[TASK DESCRIPTION]: Your answer must be an exact copy of the data, without any pictures.

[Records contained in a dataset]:
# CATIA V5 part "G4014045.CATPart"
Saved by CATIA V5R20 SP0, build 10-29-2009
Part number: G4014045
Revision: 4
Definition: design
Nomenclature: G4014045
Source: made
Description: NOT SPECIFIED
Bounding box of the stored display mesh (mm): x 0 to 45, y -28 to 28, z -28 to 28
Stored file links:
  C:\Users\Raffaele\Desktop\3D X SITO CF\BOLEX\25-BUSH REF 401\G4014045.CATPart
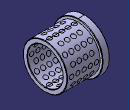
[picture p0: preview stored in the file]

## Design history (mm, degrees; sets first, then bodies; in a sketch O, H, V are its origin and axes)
Body1 "MANIFOLD_SOLID_BREP #10625" (main body)
  Solid1: solid without history
Body2 "MANIFOLD_SOLID_BREP #10778"
  Solid2: solid without history
Body3 "MANIFOLD_SOLID_BREP #10931"
  Solid3: solid without history
Body4 "MANIFOLD_SOLID_BREP #11084"
  Solid4: solid without history
Body5 "MANIFOLD_SOLID_BREP #11237"
  Solid5: solid without history
Body6 "MANIFOLD_SOLID_BREP #11396"
  Solid6: solid without history
Body7 "MANIFOLD_SOLID_BREP #11555"
  Solid7: solid without history
Body8 "MANIFOLD_SOLID_BREP #11716"
  Solid8: solid without history
Body9 "MANIFOLD_SOLID_BREP #11877"
  Solid9: solid without history
Body10 "MANIFOLD_SOLID_BREP #12036"
  Solid10: solid without history
Body11 "MANIFOLD_SOLID_BREP #12195"
  Solid11: solid without history
Body12 "MANIFOLD_SOLID_BREP #12354"
  Solid12: solid without history
Body13 "MANIFOLD_SOLID_BREP #12513"
  Solid13: solid without history
Body14 "MANIFOLD_SOLID_BREP #12674"
  Solid14: solid without history
Body15 "MANIFOLD_SOLID_BREP #12835"
  Solid15: solid without history
Body16 "MANIFOLD_SOLID_BREP #12994"
  Solid16: solid without history
Body17 "MANIFOLD_SOLID_BREP #13153"
  Solid17: solid without history
Body18 "MANIFOLD_SOLID_BREP #13314"
  Solid18: solid without history
Body19 "MANIFOLD_SOLID_BREP #13475"
  Solid19: solid without history
Body20 "MANIFOLD_SOLID_BREP #13636"
  Solid20: solid without history
Body21 "MANIFOLD_SOLID_BREP #13797"
  Solid21: solid without history
Body22 "MANIFOLD_SOLID_BREP #13958"
  Solid22: solid without history
Body23 "MANIFOLD_SOLID_BREP #14119"
  Solid23: solid without history
Body24 "MANIFOLD_SOLID_BREP #14280"
  Solid24: solid without history
Body25 "MANIFOLD_SOLID_BREP #14441"
  Solid25: solid without history
Body26 "MANIFOLD_SOLID_BREP #14594"
  Solid26: solid without history
Body27 "MANIFOLD_SOLID_BREP #14747"
  Solid27: solid without history
Body28 "MANIFOLD_SOLID_BREP #14906"
  Solid28: solid without history
Body29 "MANIFOLD_SOLID_BREP #15067"
  Solid29: solid without history
Body30 "MANIFOLD_SOLID_BREP #15226"
  Solid30: solid without history
Body31 "MANIFOLD_SOLID_BREP #15385"
  Solid31: solid without history
Body32 "MANIFOLD_SOLID_BREP #15546"
  Solid32: solid without history
Body33 "MANIFOLD_SOLID_BREP #15705"
  Solid33: solid without history
Body34 "MANIFOLD_SOLID_BREP #15866"
  Solid34: solid without history
Body35 "MANIFOLD_SOLID_BREP #16027"
  Solid35: solid without history
Body36 "MANIFOLD_SOLID_BREP #16188"
  Solid36: solid without history
Body37 "MANIFOLD_SOLID_BREP #16349"
  Solid37: solid without history
Body38 "MANIFOLD_SOLID_BREP #16510"
  Solid38: solid without history
Body39 "MANIFOLD_SOLID_BREP #16671"
  Solid39: solid without history
Body40 "MANIFOLD_SOLID_BREP #16832"
  Solid40: solid without history
Body41 "MANIFOLD_SOLID_BREP #16993"
  Solid41: solid without history
Body42 "MANIFOLD_SOLID_BREP #17146"
  Solid42: solid without history
Body43 "MANIFOLD_SOLID_BREP #17299"
  Solid43: solid without history
Body44 "MANIFOLD_SOLID_BREP #17458"
  Solid44: solid without history
Body45 "MANIFOLD_SOLID_BREP #17619"
  Solid45: solid without history
Body46 "MANIFOLD_SOLID_BREP #17778"
  Solid46: solid without history
Body47 "MANIFOLD_SOLID_BREP #17937"
  Solid47: solid without history
Body48 "MANIFOLD_SOLID_BREP #18098"
  Solid48: solid without history
Body49 "MANIFOLD_SOLID_BREP #18257"
  Solid49: solid without history
Body50 "MANIFOLD_SOLID_BREP #18418"
  Solid50: solid without history
Body51 "MANIFOLD_SOLID_BREP #18579"
  Solid51: solid without history
Body52 "MANIFOLD_SOLID_BREP #18740"
  Solid52: solid without history
Body53 "MANIFOLD_SOLID_BREP #18901"
  Solid53: solid without history
Body54 "MANIFOLD_SOLID_BREP #19062"
  Solid54: solid without history
Body55 "MANIFOLD_SOLID_BREP #19223"
  Solid55: solid without history
Body56 "MANIFOLD_SOLID_BREP #19384"
  Solid56: solid without history
Body57 "MANIFOLD_SOLID_BREP #19545"
  Solid57: solid without history
Body58 "MANIFOLD_SOLID_BREP #19698"
  Solid58: solid without history
Body59 "MANIFOLD_SOLID_BREP #19851"
  Solid59: solid without history
Body60 "MANIFOLD_SOLID_BREP #20010"
  Solid60: solid without history
Body61 "MANIFOLD_SOLID_BREP #20171"
  Solid61: solid without history
Body62 "MANIFOLD_SOLID_BREP #20330"
  Solid62: solid without history
Body63 "MANIFOLD_SOLID_BREP #20489"
  Solid63: solid without history
Body64 "MANIFOLD_SOLID_BREP #20650"
  Solid64: solid without history
Body65 "MANIFOLD_SOLID_BREP #20809"
  Solid65: solid without history
Body66 "MANIFOLD_SOLID_BREP #20970"
  Solid66: solid without history
Body67 "MANIFOLD_SOLID_BREP #21131"
  Solid67: solid without history
Body68 "MANIFOLD_SOLID_BREP #21292"
  Solid68: solid without history
Body69 "MANIFOLD_SOLID_BREP #21453"
  Solid69: solid without history
Body70 "MANIFOLD_SOLID_BREP #21614"
  Solid70: solid without history
Body71 "MANIFOLD_SOLID_BREP #21775"
  Solid71: solid without history
Body72 "MANIFOLD_SOLID_BREP #21936"
  Solid72: solid without history
Body73 "MANIFOLD_SOLID_BREP #22097"
  Solid73: solid without history

[TASK OUTPUT]:
# CATIA V5 part "G4014045.CATPart"
Saved by CATIA V5R20 SP0, build 10-29-2009
Part number: G4014045
Revision: 4
Definition: design
Nomenclature: G4014045
Source: made
Description: NOT SPECIFIED
Bounding box of the stored display mesh (mm): x 0 to 45, y -28 to 28, z -28 to 28
Stored file links:
  C:\Users\Raffaele\Desktop\3D X SITO CF\BOLEX\25-BUSH REF 401\G4014045.CATPart
[picture p0: preview stored in the file]

## Design history (mm, degrees; sets first, then bodies; in a sketch O, H, V are its origin and axes)
Body1 "MANIFOLD_SOLID_BREP #10625" (main body)
  Solid1: solid without history
Body2 "MANIFOLD_SOLID_BREP #10778"
  Solid2: solid without history
Body3 "MANIFOLD_SOLID_BREP #10931"
  Solid3: solid without history
Body4 "MANIFOLD_SOLID_BREP #11084"
  Solid4: solid without history
Body5 "MANIFOLD_SOLID_BREP #11237"
  Solid5: solid without history
Body6 "MANIFOLD_SOLID_BREP #11396"
  Solid6: solid without history
Body7 "MANIFOLD_SOLID_BREP #11555"
  Solid7: solid without history
Body8 "MANIFOLD_SOLID_BREP #11716"
  Solid8: solid without history
Body9 "MANIFOLD_SOLID_BREP #11877"
  Solid9: solid without history
Body10 "MANIFOLD_SOLID_BREP #12036"
  Solid10: solid without history
Body11 "MANIFOLD_SOLID_BREP #12195"
  Solid11: solid without history
Body12 "MANIFOLD_SOLID_BREP #12354"
  Solid12: solid without history
Body13 "MANIFOLD_SOLID_BREP #12513"
  Solid13: solid without history
Body14 "MANIFOLD_SOLID_BREP #12674"
  Solid14: solid without history
Body15 "MANIFOLD_SOLID_BREP #12835"
  Solid15: solid without history
Body16 "MANIFOLD_SOLID_BREP #12994"
  Solid16: solid without history
Body17 "MANIFOLD_SOLID_BREP #13153"
  Solid17: solid without history
Body18 "MANIFOLD_SOLID_BREP #13314"
  Solid18: solid without history
Body19 "MANIFOLD_SOLID_BREP #13475"
  Solid19: solid without history
Body20 "MANIFOLD_SOLID_BREP #13636"
  Solid20: solid without history
Body21 "MANIFOLD_SOLID_BREP #13797"
  Solid21: solid without history
Body22 "MANIFOLD_SOLID_BREP #13958"
  Solid22: solid without history
Body23 "MANIFOLD_SOLID_BREP #14119"
  Solid23: solid without history
Body24 "MANIFOLD_SOLID_BREP #14280"
  Solid24: solid without history
Body25 "MANIFOLD_SOLID_BREP #14441"
  Solid25: solid without history
Body26 "MANIFOLD_SOLID_BREP #14594"
  Solid26: solid without history
Body27 "MANIFOLD_SOLID_BREP #14747"
  Solid27: solid without history
Body28 "MANIFOLD_SOLID_BREP #14906"
  Solid28: solid without history
Body29 "MANIFOLD_SOLID_BREP #15067"
  Solid29: solid without history
Body30 "MANIFOLD_SOLID_BREP #15226"
  Solid30: solid without history
Body31 "MANIFOLD_SOLID_BREP #15385"
  Solid31: solid without history
Body32 "MANIFOLD_SOLID_BREP #15546"
  Solid32: solid without history
Body33 "MANIFOLD_SOLID_BREP #15705"
  Solid33: solid without history
Body34 "MANIFOLD_SOLID_BREP #15866"
  Solid34: solid without history
Body35 "MANIFOLD_SOLID_BREP #16027"
  Solid35: solid without history
Body36 "MANIFOLD_SOLID_BREP #16188"
  Solid36: solid without history
Body37 "MANIFOLD_SOLID_BREP #16349"
  Solid37: solid without history
Body38 "MANIFOLD_SOLID_BREP #16510"
  Solid38: solid without history
Body39 "MANIFOLD_SOLID_BREP #16671"
  Solid39: solid without history
Body40 "MANIFOLD_SOLID_BREP #16832"
  Solid40: solid without history
Body41 "MANIFOLD_SOLID_BREP #16993"
  Solid41: solid without history
Body42 "MANIFOLD_SOLID_BREP #17146"
  Solid42: solid without history
Body43 "MANIFOLD_SOLID_BREP #17299"
  Solid43: solid without history
Body44 "MANIFOLD_SOLID_BREP #17458"
  Solid44: solid without history
Body45 "MANIFOLD_SOLID_BREP #17619"
  Solid45: solid without history
Body46 "MANIFOLD_SOLID_BREP #17778"
  Solid46: solid without history
Body47 "MANIFOLD_SOLID_BREP #17937"
  Solid47: solid without history
Body48 "MANIFOLD_SOLID_BREP #18098"
  Solid48: solid without history
Body49 "MANIFOLD_SOLID_BREP #18257"
  Solid49: solid without history
Body50 "MANIFOLD_SOLID_BREP #18418"
  Solid50: solid without history
Body51 "MANIFOLD_SOLID_BREP #18579"
  Solid51: solid without history
Body52 "MANIFOLD_SOLID_BREP #18740"
  Solid52: solid without history
Body53 "MANIFOLD_SOLID_BREP #18901"
  Solid53: solid without history
Body54 "MANIFOLD_SOLID_BREP #19062"
  Solid54: solid without history
Body55 "MANIFOLD_SOLID_BREP #19223"
  Solid55: solid without history
Body56 "MANIFOLD_SOLID_BREP #19384"
  Solid56: solid without history
Body57 "MANIFOLD_SOLID_BREP #19545"
  Solid57: solid without history
Body58 "MANIFOLD_SOLID_BREP #19698"
  Solid58: solid without history
Body59 "MANIFOLD_SOLID_BREP #19851"
  Solid59: solid without history
Body60 "MANIFOLD_SOLID_BREP #20010"
  Solid60: solid without history
Body61 "MANIFOLD_SOLID_BREP #20171"
  Solid61: solid without history
Body62 "MANIFOLD_SOLID_BREP #20330"
  Solid62: solid without history
Body63 "MANIFOLD_SOLID_BREP #20489"
  Solid63: solid without history
Body64 "MANIFOLD_SOLID_BREP #20650"
  Solid64: solid without history
Body65 "MANIFOLD_SOLID_BREP #20809"
  Solid65: solid without history
Body66 "MANIFOLD_SOLID_BREP #20970"
  Solid66: solid without history
Body67 "MANIFOLD_SOLID_BREP #21131"
  Solid67: solid without history
Body68 "MANIFOLD_SOLID_BREP #21292"
  Solid68: solid without history
Body69 "MANIFOLD_SOLID_BREP #21453"
  Solid69: solid without history
Body70 "MANIFOLD_SOLID_BREP #21614"
  Solid70: solid without history
Body71 "MANIFOLD_SOLID_BREP #21775"
  Solid71: solid without history
Body72 "MANIFOLD_SOLID_BREP #21936"
  Solid72: solid without history
Body73 "MANIFOLD_SOLID_BREP #22097"
  Solid73: solid without history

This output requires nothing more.